Records follow. Copy every line with "IfcCircle".
------ MATERIAL FOR THIS EXERCISE ------
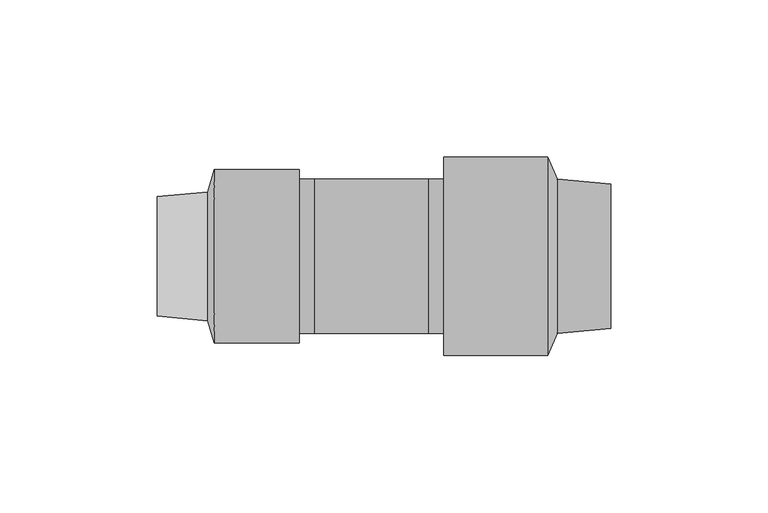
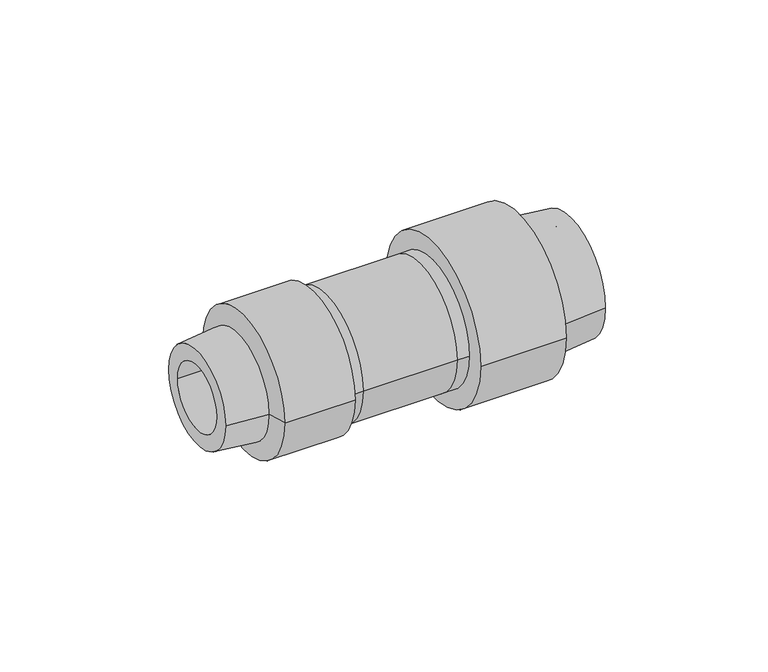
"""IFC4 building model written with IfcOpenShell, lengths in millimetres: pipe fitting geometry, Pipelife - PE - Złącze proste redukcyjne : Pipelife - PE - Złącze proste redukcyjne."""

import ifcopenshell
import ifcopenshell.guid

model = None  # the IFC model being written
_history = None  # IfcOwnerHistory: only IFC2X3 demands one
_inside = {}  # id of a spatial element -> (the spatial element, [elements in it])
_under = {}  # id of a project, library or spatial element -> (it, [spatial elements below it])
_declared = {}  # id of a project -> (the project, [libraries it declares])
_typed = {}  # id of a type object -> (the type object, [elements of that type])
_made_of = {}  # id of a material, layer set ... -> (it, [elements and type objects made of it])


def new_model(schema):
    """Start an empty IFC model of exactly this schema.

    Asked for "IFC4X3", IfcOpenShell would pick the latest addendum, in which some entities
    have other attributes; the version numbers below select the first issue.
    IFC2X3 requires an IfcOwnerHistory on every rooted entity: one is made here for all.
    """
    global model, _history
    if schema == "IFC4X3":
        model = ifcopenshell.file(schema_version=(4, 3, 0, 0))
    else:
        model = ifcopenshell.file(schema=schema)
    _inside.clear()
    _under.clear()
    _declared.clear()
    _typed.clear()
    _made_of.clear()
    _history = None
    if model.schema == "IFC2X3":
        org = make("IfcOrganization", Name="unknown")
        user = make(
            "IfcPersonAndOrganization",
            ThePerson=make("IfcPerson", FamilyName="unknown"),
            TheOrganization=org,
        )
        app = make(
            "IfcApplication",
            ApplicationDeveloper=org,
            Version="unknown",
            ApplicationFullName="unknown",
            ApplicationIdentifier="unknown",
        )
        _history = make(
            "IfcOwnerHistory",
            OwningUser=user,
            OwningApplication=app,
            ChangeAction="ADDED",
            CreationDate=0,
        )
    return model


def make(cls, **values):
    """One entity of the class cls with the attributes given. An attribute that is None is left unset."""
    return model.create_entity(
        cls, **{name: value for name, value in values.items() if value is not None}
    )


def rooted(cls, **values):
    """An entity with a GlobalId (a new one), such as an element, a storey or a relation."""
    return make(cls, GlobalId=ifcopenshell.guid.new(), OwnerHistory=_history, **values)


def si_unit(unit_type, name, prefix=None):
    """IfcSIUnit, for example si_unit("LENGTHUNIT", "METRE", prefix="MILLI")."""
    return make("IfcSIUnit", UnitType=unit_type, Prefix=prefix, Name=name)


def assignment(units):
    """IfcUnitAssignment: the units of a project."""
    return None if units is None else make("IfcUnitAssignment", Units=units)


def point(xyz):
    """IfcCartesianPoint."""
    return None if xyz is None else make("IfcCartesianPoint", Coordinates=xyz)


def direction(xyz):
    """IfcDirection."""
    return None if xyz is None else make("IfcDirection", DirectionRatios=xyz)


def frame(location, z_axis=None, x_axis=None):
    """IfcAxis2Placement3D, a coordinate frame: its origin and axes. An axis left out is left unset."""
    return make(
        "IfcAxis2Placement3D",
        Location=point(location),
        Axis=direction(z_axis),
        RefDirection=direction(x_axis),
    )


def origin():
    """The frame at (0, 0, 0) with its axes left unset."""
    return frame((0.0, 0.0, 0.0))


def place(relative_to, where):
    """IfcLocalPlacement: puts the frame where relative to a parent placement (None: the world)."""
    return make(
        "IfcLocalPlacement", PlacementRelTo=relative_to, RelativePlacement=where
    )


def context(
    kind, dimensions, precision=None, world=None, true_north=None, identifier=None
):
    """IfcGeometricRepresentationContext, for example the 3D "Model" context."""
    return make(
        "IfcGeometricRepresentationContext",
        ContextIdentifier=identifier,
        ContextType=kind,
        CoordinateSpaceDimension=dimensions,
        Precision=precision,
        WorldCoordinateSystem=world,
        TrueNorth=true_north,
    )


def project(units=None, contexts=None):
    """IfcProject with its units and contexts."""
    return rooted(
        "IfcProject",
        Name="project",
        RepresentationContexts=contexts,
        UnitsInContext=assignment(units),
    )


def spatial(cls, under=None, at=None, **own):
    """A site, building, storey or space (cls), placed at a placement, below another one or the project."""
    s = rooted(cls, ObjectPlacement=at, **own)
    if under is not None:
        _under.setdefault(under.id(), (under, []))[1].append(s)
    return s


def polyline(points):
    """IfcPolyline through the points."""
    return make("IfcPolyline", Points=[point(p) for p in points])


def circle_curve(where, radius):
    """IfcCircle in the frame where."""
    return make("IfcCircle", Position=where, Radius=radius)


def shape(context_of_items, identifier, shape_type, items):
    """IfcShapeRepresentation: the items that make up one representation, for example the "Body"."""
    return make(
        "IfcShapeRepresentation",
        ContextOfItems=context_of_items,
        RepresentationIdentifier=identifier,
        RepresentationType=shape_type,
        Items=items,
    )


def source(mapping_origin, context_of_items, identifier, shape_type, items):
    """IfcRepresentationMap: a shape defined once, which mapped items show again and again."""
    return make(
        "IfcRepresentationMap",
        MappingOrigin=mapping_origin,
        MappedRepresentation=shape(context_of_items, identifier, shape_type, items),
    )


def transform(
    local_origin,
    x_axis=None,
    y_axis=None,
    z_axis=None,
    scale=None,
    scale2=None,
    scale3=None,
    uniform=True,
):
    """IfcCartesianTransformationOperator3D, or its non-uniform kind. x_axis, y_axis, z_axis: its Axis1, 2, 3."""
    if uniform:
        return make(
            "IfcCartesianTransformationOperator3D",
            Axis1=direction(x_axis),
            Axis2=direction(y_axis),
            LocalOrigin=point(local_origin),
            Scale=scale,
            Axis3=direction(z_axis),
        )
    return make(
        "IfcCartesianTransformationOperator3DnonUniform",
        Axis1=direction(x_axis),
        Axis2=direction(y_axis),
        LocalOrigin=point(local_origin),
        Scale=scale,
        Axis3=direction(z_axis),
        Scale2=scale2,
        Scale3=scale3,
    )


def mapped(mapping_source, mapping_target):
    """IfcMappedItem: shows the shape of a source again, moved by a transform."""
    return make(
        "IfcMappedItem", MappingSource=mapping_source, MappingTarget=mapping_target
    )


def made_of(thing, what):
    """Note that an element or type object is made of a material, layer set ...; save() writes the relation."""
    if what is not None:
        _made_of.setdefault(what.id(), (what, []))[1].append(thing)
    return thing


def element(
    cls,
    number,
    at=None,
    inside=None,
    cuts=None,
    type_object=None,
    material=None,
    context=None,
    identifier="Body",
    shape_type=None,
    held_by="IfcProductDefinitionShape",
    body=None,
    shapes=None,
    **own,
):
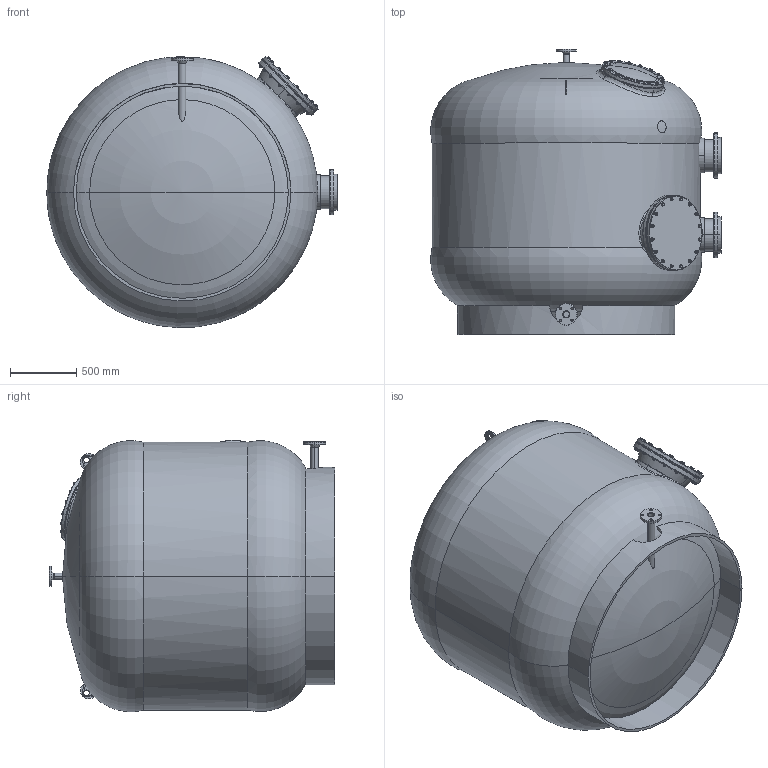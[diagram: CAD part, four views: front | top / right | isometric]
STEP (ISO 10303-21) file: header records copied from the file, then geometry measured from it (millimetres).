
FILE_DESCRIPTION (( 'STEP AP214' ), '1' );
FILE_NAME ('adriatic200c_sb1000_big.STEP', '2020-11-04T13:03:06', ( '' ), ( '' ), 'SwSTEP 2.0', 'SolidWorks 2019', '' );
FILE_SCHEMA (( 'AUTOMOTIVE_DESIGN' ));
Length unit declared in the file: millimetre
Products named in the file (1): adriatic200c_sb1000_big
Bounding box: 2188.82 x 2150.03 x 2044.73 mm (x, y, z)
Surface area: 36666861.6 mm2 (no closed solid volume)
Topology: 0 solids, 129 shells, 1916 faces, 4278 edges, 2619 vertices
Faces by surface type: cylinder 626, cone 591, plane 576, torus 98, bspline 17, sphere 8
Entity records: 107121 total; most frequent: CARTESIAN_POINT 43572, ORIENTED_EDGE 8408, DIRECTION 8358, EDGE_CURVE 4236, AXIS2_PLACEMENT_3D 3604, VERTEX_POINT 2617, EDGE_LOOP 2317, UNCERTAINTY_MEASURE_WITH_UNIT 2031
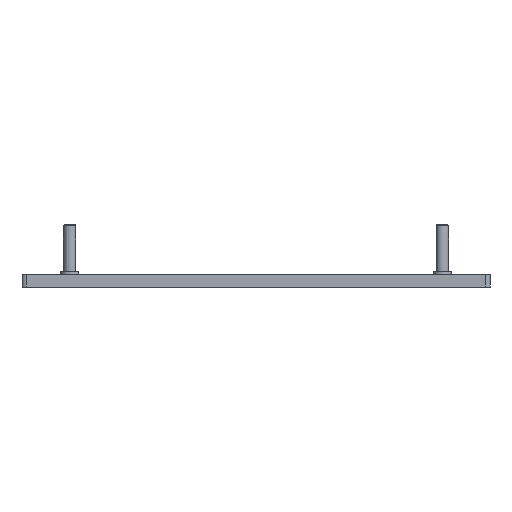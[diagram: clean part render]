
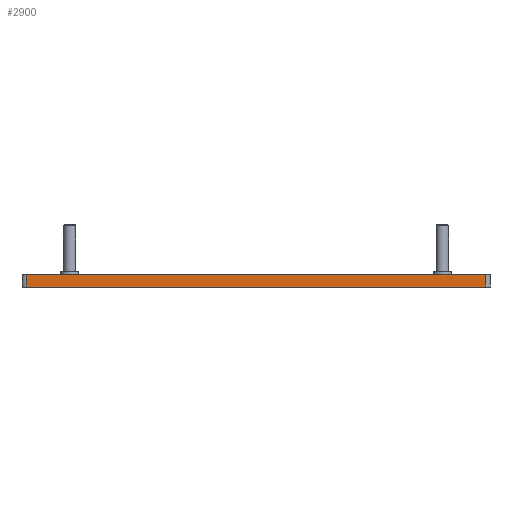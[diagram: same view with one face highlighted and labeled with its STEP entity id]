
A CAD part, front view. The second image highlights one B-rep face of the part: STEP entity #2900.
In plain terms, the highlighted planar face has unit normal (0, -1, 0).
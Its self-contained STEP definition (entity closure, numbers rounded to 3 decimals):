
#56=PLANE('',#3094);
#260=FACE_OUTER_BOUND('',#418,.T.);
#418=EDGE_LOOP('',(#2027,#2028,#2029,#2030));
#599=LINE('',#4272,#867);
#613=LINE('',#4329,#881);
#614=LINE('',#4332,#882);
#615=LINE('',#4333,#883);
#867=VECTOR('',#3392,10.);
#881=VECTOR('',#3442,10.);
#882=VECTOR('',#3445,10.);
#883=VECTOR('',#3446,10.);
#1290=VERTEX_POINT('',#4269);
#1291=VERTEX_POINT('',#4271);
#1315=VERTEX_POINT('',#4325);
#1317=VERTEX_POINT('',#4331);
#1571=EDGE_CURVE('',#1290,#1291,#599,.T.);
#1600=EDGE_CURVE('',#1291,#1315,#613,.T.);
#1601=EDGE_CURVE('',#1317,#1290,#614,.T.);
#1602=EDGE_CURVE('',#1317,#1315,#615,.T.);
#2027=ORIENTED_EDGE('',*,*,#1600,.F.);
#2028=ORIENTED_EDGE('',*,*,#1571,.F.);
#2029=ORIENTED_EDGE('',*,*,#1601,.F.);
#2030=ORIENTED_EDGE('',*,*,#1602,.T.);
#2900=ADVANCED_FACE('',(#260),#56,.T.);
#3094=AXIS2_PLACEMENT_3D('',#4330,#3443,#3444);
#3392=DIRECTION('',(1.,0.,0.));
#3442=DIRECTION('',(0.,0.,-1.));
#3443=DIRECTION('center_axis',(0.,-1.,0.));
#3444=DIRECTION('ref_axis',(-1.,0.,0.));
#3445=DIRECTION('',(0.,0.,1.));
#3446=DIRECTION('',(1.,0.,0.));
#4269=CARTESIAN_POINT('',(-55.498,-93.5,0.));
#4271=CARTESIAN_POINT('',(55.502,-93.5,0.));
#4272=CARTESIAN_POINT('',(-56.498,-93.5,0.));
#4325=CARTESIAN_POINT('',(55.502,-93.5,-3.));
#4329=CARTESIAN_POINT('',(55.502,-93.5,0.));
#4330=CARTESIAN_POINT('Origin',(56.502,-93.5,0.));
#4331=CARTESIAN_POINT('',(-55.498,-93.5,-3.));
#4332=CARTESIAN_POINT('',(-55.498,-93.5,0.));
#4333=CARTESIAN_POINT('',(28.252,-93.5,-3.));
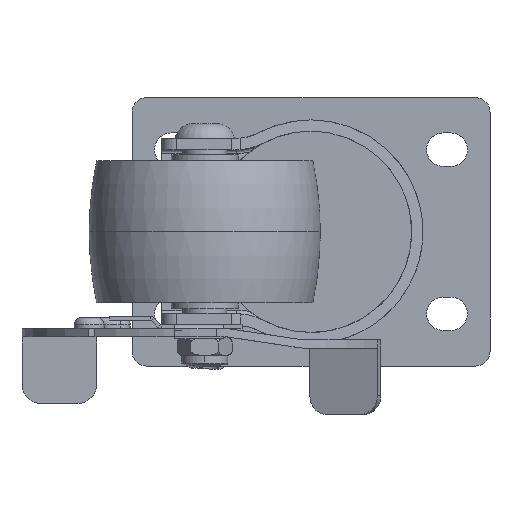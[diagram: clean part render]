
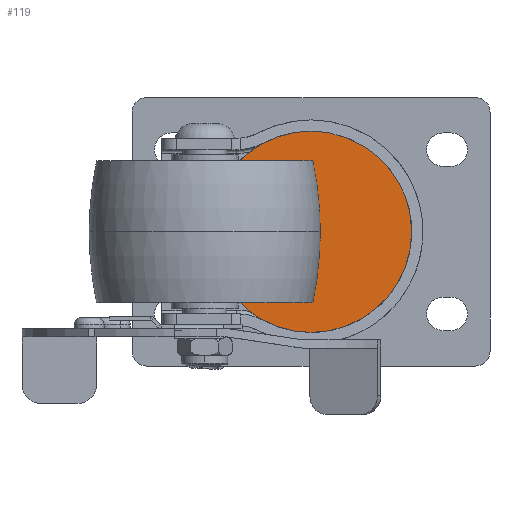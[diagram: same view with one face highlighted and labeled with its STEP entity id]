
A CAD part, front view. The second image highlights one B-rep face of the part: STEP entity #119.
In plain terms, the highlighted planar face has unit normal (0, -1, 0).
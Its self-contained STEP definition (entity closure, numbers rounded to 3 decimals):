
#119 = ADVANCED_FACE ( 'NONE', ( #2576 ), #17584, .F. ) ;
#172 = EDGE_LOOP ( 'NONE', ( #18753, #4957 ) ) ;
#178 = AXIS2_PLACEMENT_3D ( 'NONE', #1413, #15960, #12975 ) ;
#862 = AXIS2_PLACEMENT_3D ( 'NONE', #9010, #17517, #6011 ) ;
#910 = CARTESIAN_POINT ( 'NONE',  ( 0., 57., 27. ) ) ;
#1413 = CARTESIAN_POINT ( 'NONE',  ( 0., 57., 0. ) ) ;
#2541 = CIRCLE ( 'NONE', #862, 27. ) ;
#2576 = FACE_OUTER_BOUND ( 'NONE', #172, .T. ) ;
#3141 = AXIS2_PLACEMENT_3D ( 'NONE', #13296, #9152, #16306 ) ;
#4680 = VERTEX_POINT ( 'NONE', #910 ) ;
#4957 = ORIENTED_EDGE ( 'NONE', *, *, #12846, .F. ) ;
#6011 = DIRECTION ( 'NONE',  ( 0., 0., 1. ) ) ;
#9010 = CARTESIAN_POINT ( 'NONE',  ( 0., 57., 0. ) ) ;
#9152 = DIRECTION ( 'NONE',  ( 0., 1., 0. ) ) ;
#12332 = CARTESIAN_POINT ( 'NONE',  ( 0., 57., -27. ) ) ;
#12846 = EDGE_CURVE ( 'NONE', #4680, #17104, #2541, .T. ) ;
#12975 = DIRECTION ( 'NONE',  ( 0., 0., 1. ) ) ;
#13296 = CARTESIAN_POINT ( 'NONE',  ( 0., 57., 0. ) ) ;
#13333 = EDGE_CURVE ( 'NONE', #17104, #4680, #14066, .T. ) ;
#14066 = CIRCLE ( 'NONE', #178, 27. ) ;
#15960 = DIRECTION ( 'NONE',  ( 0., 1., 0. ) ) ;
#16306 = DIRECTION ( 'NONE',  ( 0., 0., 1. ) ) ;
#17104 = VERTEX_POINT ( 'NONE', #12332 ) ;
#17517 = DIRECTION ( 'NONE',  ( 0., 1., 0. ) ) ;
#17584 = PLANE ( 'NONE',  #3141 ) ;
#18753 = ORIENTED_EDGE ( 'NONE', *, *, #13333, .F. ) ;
------
ANSWER TO THE EXERCISE:
    """IfcCircle in the frame where."""
    return make("IfcCircle", Position=where, Radius=radius)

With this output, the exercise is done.